An office worker who left a severed pig’s head outside a Muslim place of worship on Boxing Day has been spared jail.
Liam Ferrar was sentenced to 12 weeks’ imprisonment, suspended for a year, after a court heard he was disgusted by his actions and had written a letter of apology to his victims.
Ferrar, 24, of Leicester, pleaded guilty last month to causing religiously aggravated harassment after leaving the frozen pig’s head on the steps of the city’s Thurnby Lodge community centre.
Sentencing Ferrar at Leicester magistrates court, the district judge John Temperley described the offence as being “to some extent planned, premeditated and targeted”.
He told Ferrar: “You were well aware of the significance of your actions. You knew that what you did would cause great distress, indeed that was your intention.”
The court heard that Ferrar was under the influence of alcohol when he placed the pig’s head – which had been stored in a freezer for several months – in an area where it could not be avoided by adults and children arriving for prayers.
Stressing that the offence had taken place against a background of protests over the community centre’s use as a place of worship, Temperley added: “It is easy to imagine the shock, distress and disgust [those who discovered the pig’s head] would have felt.
“The witnesses statements I have read bear testimony to the serious impact of your actions, but the harm you caused goes further. Others in the local community and beyond would also have been affected when news of this incident spread, prompting profound alarm, fear and insecurity.
“It should have been obvious that what you did was intimidatory and would only serve to inflame an already tense and volatile situation.”
Suspending the 12-week prison term because of Ferrar’s personal mitigation, including his previous good character, the district judge accepted that the defendant regularly gave his time and energy to local good causes.
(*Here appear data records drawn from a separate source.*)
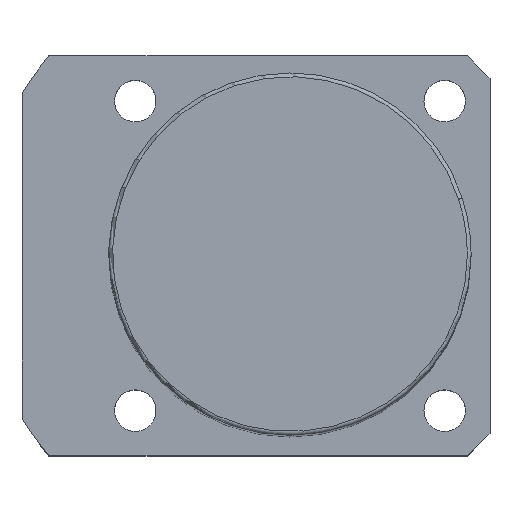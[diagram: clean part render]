
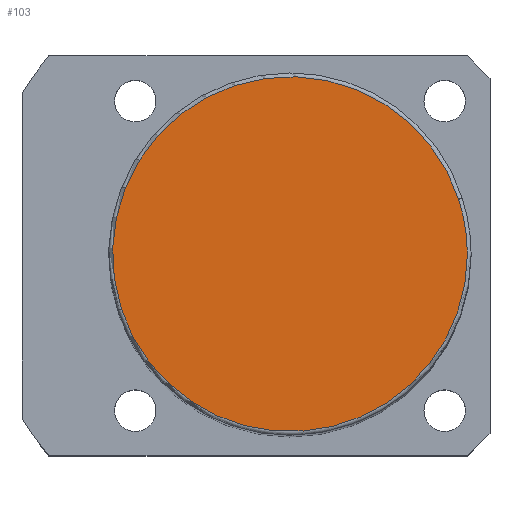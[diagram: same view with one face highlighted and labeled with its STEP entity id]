
A CAD part, top view. The second image highlights one B-rep face of the part: STEP entity #103.
In plain terms, the highlighted planar face has unit normal (0, 0, 1).
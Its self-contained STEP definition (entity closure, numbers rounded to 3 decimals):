
#16=CARTESIAN_POINT('',(-22.35,-7.262,144.0));
#17=VERTEX_POINT('',#16);
#54=CARTESIAN_POINT('',(22.35,7.262,144.0));
#55=VERTEX_POINT('',#54);
#63=CARTESIAN_POINT('',(23.5,0.0,144.0));
#64=VERTEX_POINT('',#63);
#65=CARTESIAN_POINT('',(0.0,0.0,144.0));
#66=DIRECTION('',(0.0,0.0,1.0));
#67=DIRECTION('',(1.0,0.0,0.0));
#68=AXIS2_PLACEMENT_3D('',#65,#66,#67);
#69=CIRCLE('',#68,23.5);
#70=EDGE_CURVE('no 898',#64,#55,#69,.T.);
#72=CARTESIAN_POINT('',(0.0,0.0,144.0));
#73=DIRECTION('',(0.0,0.0,1.0));
#74=DIRECTION('',(1.0,0.0,0.0));
#75=AXIS2_PLACEMENT_3D('',#72,#73,#74);
#76=CIRCLE('',#75,23.5);
#77=EDGE_CURVE('no 902',#17,#64,#76,.T.);
#87=ORIENTED_EDGE('',*,*,#70,.T.);
#88=CARTESIAN_POINT('',(0.0,0.0,144.0));
#89=DIRECTION('',(0.0,0.0,1.0));
#90=DIRECTION('',(1.0,0.0,0.0));
#91=AXIS2_PLACEMENT_3D('',#88,#89,#90);
#92=CIRCLE('',#91,23.5);
#93=EDGE_CURVE('no 911',#55,#17,#92,.T.);
#94=ORIENTED_EDGE('',*,*,#93,.T.);
#95=ORIENTED_EDGE('',*,*,#77,.T.);
#96=EDGE_LOOP('',(#87,#94,#95));
#97=FACE_OUTER_BOUND('',#96,.T.);
#98=CARTESIAN_POINT('',(0.0,0.0,144.0));
#99=DIRECTION('',(0.0,0.0,1.0));
#100=DIRECTION('',(1.0,0.0,0.0));
#101=AXIS2_PLACEMENT_3D('',#98,#99,#100);
#102=PLANE('',#101);
#103=ADVANCED_FACE('no 904',(#97),#102,.T.);

“The character references I have read do you great credit. I also accept that you have demonstrated genuine remorse and regret for your actions. You co-operated with the police and pleaded guilty at the earliest opportunity,” Temperley said.
He ordered Ferrar to complete 250 hours of unpaid community work and to pay £85 in costs.
Louise Cox, prosecuting, told the court that a group calling itself Forgotten Estates had stepped up protests at the community centre last summer.
The defence solicitor Stephen Morris said the protest group, of which Ferrar was a member, aimed to highlight the lack of facilities in the Thurnby Lodge area.
Claiming that his client had chosen to distance himself from Forgotten Estates in September last year, Morris said: “The behaviour by Mr Ferrar on this occasion is out of character – he is not somebody who displays racist tendencies.”